Der vietnamesische Fotograf Nick Út hielt einen Moment fest, wo das Mädchen verzweifelt, nackt und voller Schmerzen vor den Angriffen wegrennt. Das Foto ging um die Welt und hat sich ins Gedächtnis der westlichen Zivilisation eingebrannt, ähnlich wie Buzz Aldrin auf dem Mond oder der Mann mit Aktentasche, der sich auf dem Tian’anmen-Platz chinesischen Panzern entgegenstellte.

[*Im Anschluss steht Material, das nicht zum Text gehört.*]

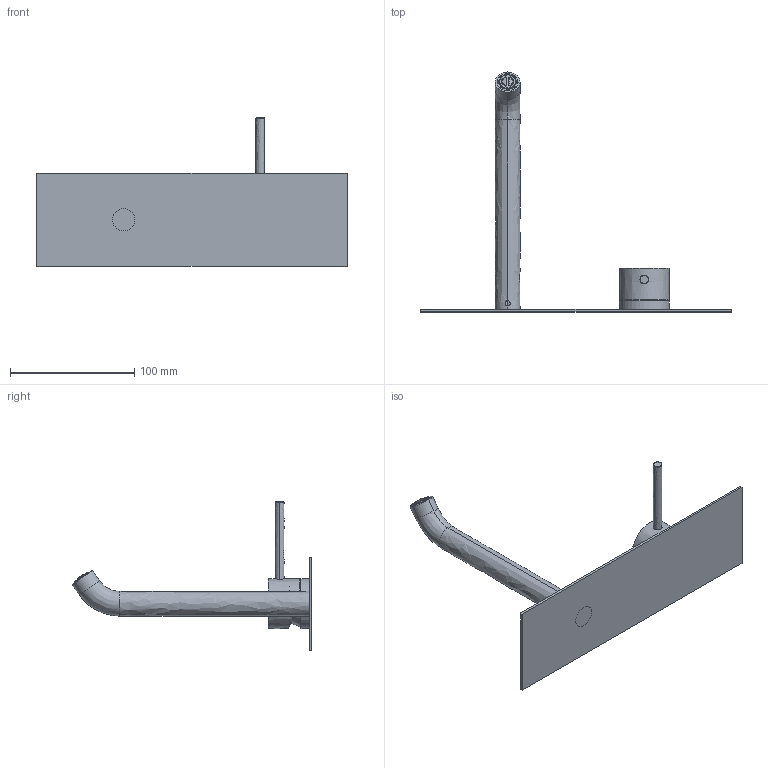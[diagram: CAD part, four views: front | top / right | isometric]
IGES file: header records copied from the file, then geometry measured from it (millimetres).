
Start section:  PTC IGES file: 6954821.igs
Global section: file name: 6954821.igs; native system: Creo Parametric by PTC Inc.; preprocessor: 2022014; author: carloff; organization: Unknown; date: 20251118.163154; units: millimetre
Bounding box: 250 x 193.13 x 119.6 mm (x, y, z)
Surface area: 73591.1 mm2 (no closed solid volume)
Topology: 0 solids, 0 shells, 1667 faces, 9896 edges, 9890 vertices
Faces by surface type: bspline 1404, revolution 260, extrusion 3
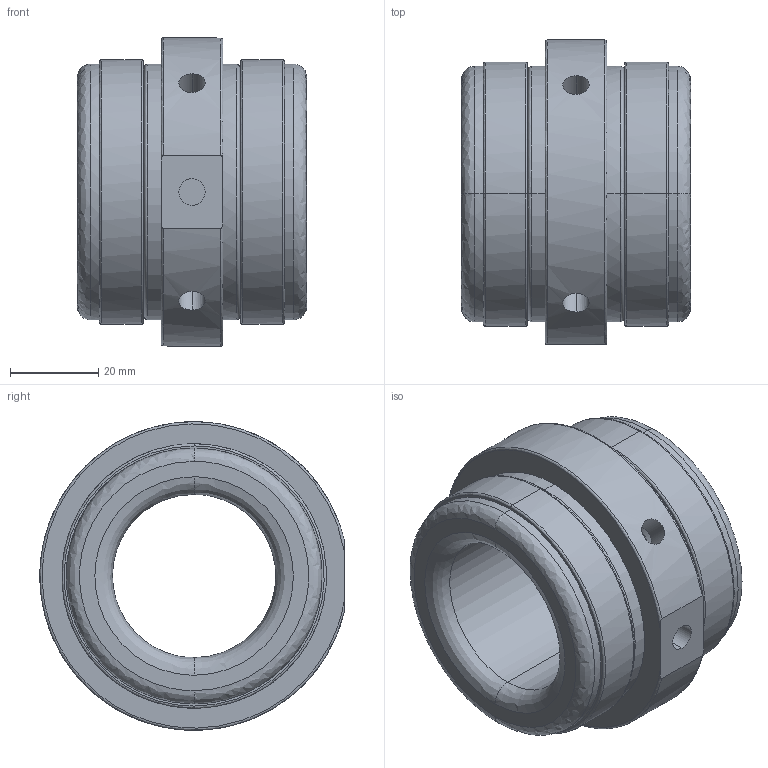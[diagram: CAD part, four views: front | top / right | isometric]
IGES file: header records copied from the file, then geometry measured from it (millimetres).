
Start section: ------------------------------------------------------------------------
Global section: file name: D:\ICADMX\tmp\trans3d_spg\TGMX25.588.RBG040GCA_8244.igs; native system: spGate; preprocessor: ver11.3.7; author: Unknown; organization: Unknown; date: 150330.135642; units: millimetre
Bounding box: 52 x 68.97 x 69.99 mm (x, y, z)
Volume: 99565.7 mm3; surface area: 22707 mm2
Topology: 1 solids, 1 shells, 81 faces, 176 edges, 96 vertices
Faces by surface type: bspline 81
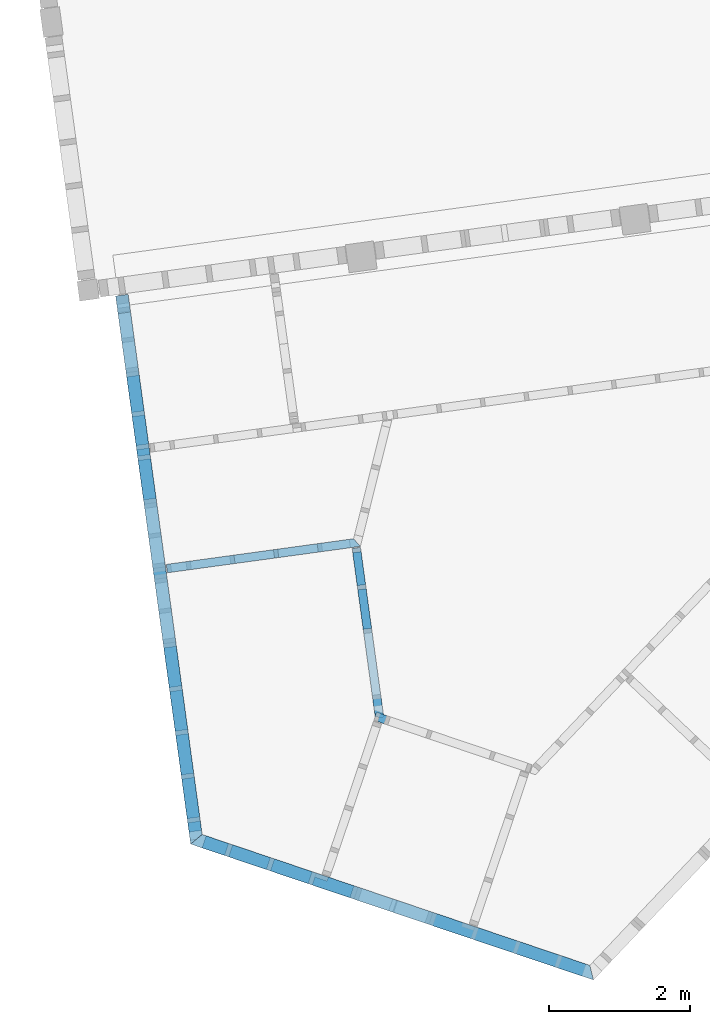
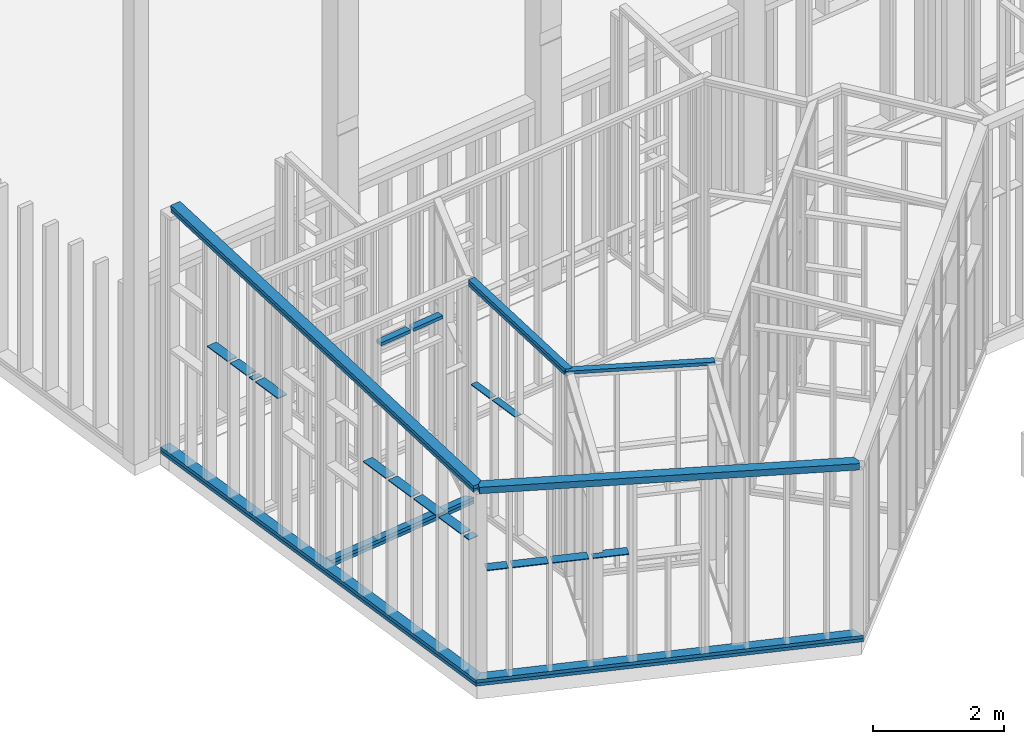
# One storey, part 16 of 24: 17 beams.
"""IFC2X3 building model written with IfcOpenShell, lengths in metres."""

from ifc_helpers import new_model, entity, si_unit, converted_unit, derived_unit, money_unit, direction, frame, frame_2d, origin_with_axes, place, context, subcontext, project, spatial, rectangle, extrude, boolean, clip, halfspace, faceted_brep, material, type_object, element, save


model = new_model("IFC2X3")

# Units and contexts
model_context = context("Model", 3, precision=1e-05, world=origin_with_axes(), true_north=direction((0.0, 1.0)))
body_context = subcontext(model_context, "Body", "Model", "MODEL_VIEW")
ifc_project = project(units=[si_unit("LENGTHUNIT", "METRE"), si_unit("AREAUNIT", "SQUARE_METRE"), si_unit("VOLUMEUNIT", "CUBIC_METRE"), converted_unit("PLANEANGLEUNIT", "DEGREE", entity("IfcPlaneAngleMeasure", 0.0174532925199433), si_unit("PLANEANGLEUNIT", "RADIAN"), dimensions=[0, 0, 0, 0, 0, 0, 0]), money_unit("EUR"), converted_unit("TIMEUNIT", "Year", entity("IfcTimeMeasure", 31557600.0), si_unit("TIMEUNIT", "SECOND"), dimensions=[0, 0, 1, 0, 0, 0, 0]), si_unit("MASSUNIT", "GRAM", prefix="KILO"), si_unit("THERMODYNAMICTEMPERATUREUNIT", "DEGREE_CELSIUS"), si_unit("LUMINOUSINTENSITYUNIT", "LUMEN"), si_unit("ENERGYUNIT", "JOULE", prefix="MEGA"), derived_unit("THERMALCONDUCTANCEUNIT", [(si_unit("POWERUNIT", "WATT"), 1), (si_unit("LENGTHUNIT", "METRE"), -1), (si_unit("THERMODYNAMICTEMPERATUREUNIT", "KELVIN"), -1)]), derived_unit("SPECIFICHEATCAPACITYUNIT", [(si_unit("ENERGYUNIT", "JOULE"), 1), (si_unit("MASSUNIT", "GRAM", prefix="KILO"), -1), (si_unit("THERMODYNAMICTEMPERATUREUNIT", "KELVIN"), -1)]), derived_unit("MASSDENSITYUNIT", [(si_unit("MASSUNIT", "GRAM", prefix="KILO"), 1), (si_unit("VOLUMEUNIT", "CUBIC_METRE"), -1)])], contexts=[model_context])

# Site, building, storey
site_placement = place(None, origin_with_axes())
site = spatial("IfcSite", under=ifc_project, at=site_placement, Name="Gelände", CompositionType="ELEMENT")
building_placement = place(site_placement, origin_with_axes())
building = spatial("IfcBuilding", under=site, at=building_placement, Name="Gebäude", CompositionType="ELEMENT")
storey_placement = place(building_placement, origin_with_axes())
storey = spatial("IfcBuildingStorey", under=building, at=storey_placement, Name="EG", CompositionType="ELEMENT", Elevation=0.0)

# Beams
ifc_material_1 = material(Name="Bauholz")
beam_type_1 = type_object("IfcBeamType", Name="Bauholz 120 x 60", PredefinedType="NOTDEFINED")
beam_1_placement = place(storey_placement, frame((90.38992757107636, -154.6670952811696, 4.059430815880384), z_axis=(0.0, 0.0, 1.0), x_axis=(-0.99074844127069, -0.1357111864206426, 0.0)))
element("IfcBeam", 1, at=beam_1_placement, inside=storey, type_object=beam_type_1, material=ifc_material_1, Name="Unterzug-021", context=body_context, shape_type="CSG", body=[
    boolean("DIFFERENCE", clip(clip(extrude(rectangle(XDim=0.06, YDim=0.12, at=frame_2d((-0.03, 0.0), x_axis=(1.0, 0.0))), frame((0.0, -0.02361845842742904, 0.003319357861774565), z_axis=(0.0, 0.9902680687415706, -0.1391731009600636), x_axis=(0.0, 0.1391731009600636, 0.9902680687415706)), (0.0, 0.0, 1.0), 2.505467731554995), halfspace(frame((0.0, 0.0, 0.0), z_axis=(0.0, 1.0, 0.0), x_axis=(0.0, 0.0, 1.0)), True)), halfspace(frame((0.0, 2.42759628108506, 0.0), z_axis=(0.0, -1.0, 0.0), x_axis=(0.0, 0.0, -1.0)), True)), faceted_brep([(-0.06000000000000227, 2.390431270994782, -0.3965428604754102), (-0.06000000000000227, 2.390431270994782, -0.3435029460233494), (-0.06000000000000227, 2.427596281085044, -0.3445392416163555), (-0.06000000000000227, 2.427596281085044, -0.4017660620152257), (0.03214141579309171, 2.34459069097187, -0.390100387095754), (0.02918027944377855, 2.346063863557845, -0.3372675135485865), (0.0, 2.427596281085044, -0.3411764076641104), (0.05590570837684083, 2.399783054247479, -0.3372675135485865), (0.06000000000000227, 2.427596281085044, -0.3411764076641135), (0.06000000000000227, 2.427596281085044, -0.4017660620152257), (0.06000000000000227, 2.393554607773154, -0.3969818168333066), (0.05759040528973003, 2.394753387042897, -0.3971502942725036), (0.06000000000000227, 2.399596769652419, -0.3971502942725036), (0.06000000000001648, 2.40785334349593, -0.338401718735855)], [[[0, 1, 2, 3]], [[1, 0, 4, 5]], [[6, 2, 1, 5, 7]], [[2, 6, 8, 9, 3]], [[4, 0, 3, 9, 10, 11]], [[4, 11, 12, 13, 7, 5]], [[7, 13, 8, 6]], [[12, 10, 9, 8, 13]], [[11, 10, 12]]])),
])
beam_2_placement = place(storey_placement, frame((90.39914309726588, -154.591619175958, -0.04300000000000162), z_axis=(0.0, 0.0, 1.0), x_axis=(-0.1357111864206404, 0.9907484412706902, 0.0)))
element("IfcBeam", 2, at=beam_2_placement, inside=storey, type_object=beam_type_1, material=ifc_material_1, Name="Unterzug-021", context=body_context, shape_type="CSG", body=[
    boolean("DIFFERENCE", extrude(rectangle(XDim=0.06, YDim=0.12, at=frame_2d((-0.03, 0.0), x_axis=(1.0, 0.0))), frame((0.0, -0.04064675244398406, 0.0), z_axis=(0.0, 1.0, 0.0), x_axis=(0.0, 0.0, 1.0)), (0.0, 0.0, 1.0), 2.758548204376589), faceted_brep([(0.06000000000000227, 0.04062676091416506, 0.0), (-0.05999999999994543, -0.04062675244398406, 0.0), (-0.06000000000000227, -0.04064675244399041, 0.0), (0.06000000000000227, -0.0406467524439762, 0.0), (-0.05999999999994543, -0.04062675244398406, -0.06), (0.06000000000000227, 0.04062676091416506, -0.06), (-0.06000000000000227, -0.04064675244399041, -0.06), (0.06000000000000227, -0.0406467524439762, -0.06)], [[[0, 1, 2, 3]], [[4, 1, 0, 5]], [[1, 4, 6, 2]], [[6, 7, 3, 2]], [[5, 0, 3, 7]], [[4, 5, 7, 6]]])),
])
beam_3_placement = place(storey_placement, frame((90.65844057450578, -157.0516642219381, 3.722280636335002), z_axis=(0.0, 0.0, 1.0), x_axis=(-0.3197980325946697, -0.9474857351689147, 0.0)))
element("IfcBeam", 3, at=beam_3_placement, inside=storey, type_object=beam_type_1, material=ifc_material_1, Name="Unterzug-021", context=body_context, shape_type="CSG", body=[
    boolean("DIFFERENCE", clip(clip(extrude(rectangle(XDim=0.06, YDim=0.12, at=frame_2d((-0.03, 0.0), x_axis=(1.0, 0.0))), frame((0.0, -0.01060285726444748, 0.0006637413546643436), z_axis=(0.0, 0.9980463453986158, -0.06247793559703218), x_axis=(0.0, 0.06247793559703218, 0.9980463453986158)), (0.0, 0.0, 1.0), 2.346247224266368), halfspace(frame((0.0, 0.0, 0.0), z_axis=(0.0, 1.0, 0.0), x_axis=(0.0, 0.0, 1.0)), True)), halfspace(frame((0.0, 2.320457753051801, 0.0), z_axis=(0.0, -1.0, 0.0), x_axis=(0.0, 0.0, -1.0)), True)), faceted_brep([(0.05999999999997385, 0.001874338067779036, -0.0001173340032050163), (-0.05999999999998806, 0.001874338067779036, -0.0001173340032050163), (-0.06000000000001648, 0.0, 0.0), (0.06000000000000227, 0.0, 0.0), (-0.05999999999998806, 0.0, -0.03005872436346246), (0.06000000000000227, 0.0, -0.03005872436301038)], [[[0, 1, 2, 3]], [[4, 1, 0, 5]], [[1, 4, 2]], [[4, 5, 3, 2]], [[5, 0, 3]]])),
])
beam_4_placement = place(storey_placement, frame((89.84384641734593, -154.6676828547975, 3.593823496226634), z_axis=(0.0, 0.0, 1.0), x_axis=(-0.1357111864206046, 0.9907484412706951, 0.0)))
element("IfcBeam", 4, at=beam_4_placement, inside=storey, type_object=beam_type_1, material=ifc_material_1, Name="Unterzug-021", context=body_context, shape_type="CSG", body=[
    boolean("DIFFERENCE", extrude(rectangle(XDim=0.06, YDim=0.12, at=frame_2d((-0.03, 0.0), x_axis=(1.0, 0.0))), frame((0.0, 0.0, 0.0), z_axis=(0.0, 1.0, 0.0), x_axis=(0.0, 0.0, 1.0)), (0.0, 0.0, 1.0), 1.190000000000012), faceted_brep([(-0.060000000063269, 0.5649999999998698, -0.06000000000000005), (-0.060000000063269, 0.5649999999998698, 0.0), (-0.06000000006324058, 0.6249999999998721, 0.0), (-0.06000000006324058, 0.6249999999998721, -0.06000000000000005), (0.05999999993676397, 0.5649999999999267, 0.0), (0.05999999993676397, 0.5649999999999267, -0.06000000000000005), (0.05999999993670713, 0.6249999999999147, 0.0), (0.05999999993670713, 0.6249999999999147, -0.06000000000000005)], [[[0, 1, 2, 3]], [[4, 1, 0, 5]], [[1, 4, 6, 2]], [[7, 3, 2, 6]], [[5, 0, 3, 7]], [[4, 5, 7, 6]]])),
])
beam_type_2 = type_object("IfcBeamType", Name="Bauholz 120 x 15", PredefinedType="NOTDEFINED")
beam_5_placement = place(storey_placement, frame((90.3982701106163, -154.7279993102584, 2.15), z_axis=(0.0, 0.0, 1.0), x_axis=(-0.9907484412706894, -0.1357111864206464, 0.0)))
element("IfcBeam", 5, at=beam_5_placement, inside=storey, type_object=beam_type_2, material=ifc_material_1, Name="Unterzug-021", context=body_context, shape_type="CSG", body=[
    boolean("DIFFERENCE", extrude(rectangle(XDim=0.015, YDim=0.12, at=frame_2d((-0.0075, 0.0), x_axis=(1.0, 0.0))), frame((0.0, 0.0, 0.0), z_axis=(0.0, 1.0, 0.0), x_axis=(0.0, 0.0, 1.0)), (0.0, 0.0, 1.0), 1.095387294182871), faceted_brep([(-0.0600000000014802, 0.4703872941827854, -0.01500000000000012), (-0.0600000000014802, 0.4703872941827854, 0.0), (-0.0600000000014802, 0.5303872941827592, 0.0), (-0.0600000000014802, 0.5303872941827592, -0.01499999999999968), (0.05999999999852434, 0.4703872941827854, 0.0), (0.05999999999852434, 0.4703872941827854, -0.01499999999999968), (0.05999999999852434, 0.5303872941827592, 0.0), (0.05999999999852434, 0.5303872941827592, -0.01500000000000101)], [[[0, 1, 2, 3]], [[4, 1, 0, 5]], [[1, 4, 6, 2]], [[7, 3, 2, 6]], [[5, 0, 3, 7]], [[4, 5, 7, 6]]])),
])
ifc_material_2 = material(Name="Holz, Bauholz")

Was viele nicht wissen: Das Mädchen auf dem damaligen Foto, die Vietnamesin Kim Phuc Phan Thi, ist heute gläubige Christin und lebt mittlerweile in Kanada. Die als „Napalm Girl“ bekannt gewordene Kim trägt noch immer die Brandwunden von damals auf ihrem Körper, doch seelisch ist sie nicht in der Rolle des Opfers verharrt. In einem Fernsehinterview mit dem amerikanischen Sender CBS sagte sie, sie habe irgendwann in einer Bibliothek angefangen, in einem Neuen Testament zu lesen. Dadurch habe sie den Sinn in ihrem Leben gefunden. „Als ich Christ wurde, bekam ich so viel Frieden in mein Herz“, sagte sie. Sie konnte den Militärs, die mit dem Napalm ihren und den Tod so vieler erreichen wollten, vergeben und ist als „Botschafterin des guten Willens“ der Unesco unterwegs und gründete vor 20 Jahren eine Stiftung für vom Krieg versehrte Kinder.
Als internationale Friedensaktivistin wurde die heute 55-Jährige für ihren unermüdlichen Einsatz für Versöhnung und Vergebung nun mit dem Dresdner Friedenspreis geehrt. Die internationale Auszeichnung, die mit 10.000 Euro dotiert ist, hat ihr der Friedenspreisträger des Jahres 2015, der Herzog von Kent, überreicht. Die Unesco-Botschafterin erhalte die Auszeichnung, weil sie sich als Opfer dem Hass verweigert habe, sagte der ehemalige Bundesinnenminister Gerhart Baum (FDP), der Ehrenmitglied des auslobenden Vereins Friends of Dresden Deutschland ist.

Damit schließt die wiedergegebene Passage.